舒子亦本來就體寒,一到冬天冰手冰腳,很久都焐不熱。

“我不知道,也有可能隻是他們公司不喜歡我。”

唐白不說話,心裏卻思忖著,既然這樣,自己就不告訴她高俊安看她的眼神有多露骨了。

“那你現在準備怎麽辦?”

“我也不知道。”

她有時候遲鈍得可愛,唐白還想說什麽,窗外突然綻開煙花來。

過年了。

紅的紫的,“咻”一聲升上去,然後在天邊炸開,將他們的房間照得通亮。

借著煙花的光,舒子亦驟然看到唐白的表情,一下羞紅了臉。

不同以往任何一次的冷漠或者不耐,或許因為人在夜裏會習慣性卸下偽裝,唐白看向自己的眼神裏全是熾熱的。

愛。

她知道那是愛。

舒子亦抿著嘴笑,手得寸進尺地圈過他的脖子,“唐小白,你的新年願望是什麽呀?”

他被自己頸上的溫存弄得心神不寧,再不控製一下就要嚇壞小姑娘了,於是唐白鬆開她的腳,把兩條蓮藕似的白胳膊拉下來,放回她身前。

舒子亦也不惱,笑嘻嘻地看著他。

“本來想拿冠軍的。”唐白賣了個關子,沉吟一會兒,“但是冠軍肯定會拿到的,所以把我的願望讓給你吧,你有什麽願望?”

“那我可以許兩個嗎!”

唐白點頭。

“第一個,小白不準改id。”她無比鄭重地說出這句話,好像是在婚禮上說“我願意”一樣。

“嗯,不改。”唐白輕輕巧巧地答應了。

“第二個。
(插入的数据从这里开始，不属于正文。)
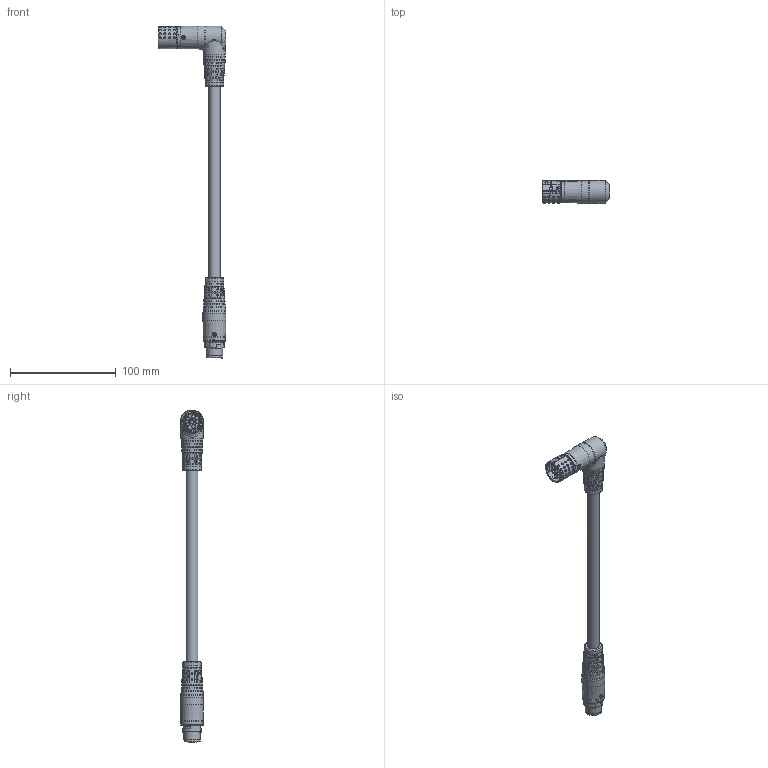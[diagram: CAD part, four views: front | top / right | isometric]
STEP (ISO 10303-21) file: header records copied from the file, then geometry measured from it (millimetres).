
FILE_DESCRIPTION (( 'STEP AP203' ), '1' );
FILE_NAME ('1135501_W-TEC_15K_STI_BU-90°L_STEP.STEP', '2023-09-05T10:48:20', ( '' ), ( '' ), 'SwSTEP 2.0', 'SolidWorks 2021', '' );
FILE_SCHEMA (( 'CONFIG_CONTROL_DESIGN' ));
Length unit declared in the file: millimetre
Products named in the file (1): 1135501_W-TEC_15K_STI_BU-90袂_STEP
Bounding box: 64.16 x 21.87 x 314.34 mm (x, y, z)
Surface area: 23363.8 mm2 (no closed solid volume)
Topology: 0 solids, 28 shells, 904 faces, 3660 edges, 2576 vertices
Faces by surface type: bspline 386, plane 225, cylinder 219, cone 52, torus 20, sphere 2
Full cylindrical faces by diameter (mm): 1.6 x3, 3.3 x6, 4 x2, 4.2 x3, 4.4 x3, 11.1 x1, 15.2 x1, 15.4 x1, 17.384 x1, 17.397 x1, 18.304 x1, 18.4 x1, 21.038 x1, 21.24 x1, 21.72 x2
Entity records: 62454 total; most frequent: CARTESIAN_POINT 38670, ORIENTED_EDGE 5253, EDGE_CURVE 3469, DIRECTION 3356, VERTEX_POINT 2527, B_SPLINE_CURVE_WITH_KNOTS 1695, AXIS2_PLACEMENT_3D 1217, EDGE_LOOP 1080

”舒子亦也賣了個關子,她重新靠近唐白,這次不再是脖子,而是環住他的腰,額頭抵到男人的胸口,拽著手邊的衣服不肯鬆手,“我們還像以前一樣,好不好?”

很久之後,胸腔裏傳來很低沉的回應聲。

他說“嗯”。

唐白把懷裏的小姑娘摟得更近了,兩人透過薄薄的布料緊貼在一起,很快,就感到胸口傳來的濡濕。

“你是不是水做的啊?”他無奈地任舒子亦把自己的衣服當作擦眼淚的紙巾,眯著眼看向窗外的煙花。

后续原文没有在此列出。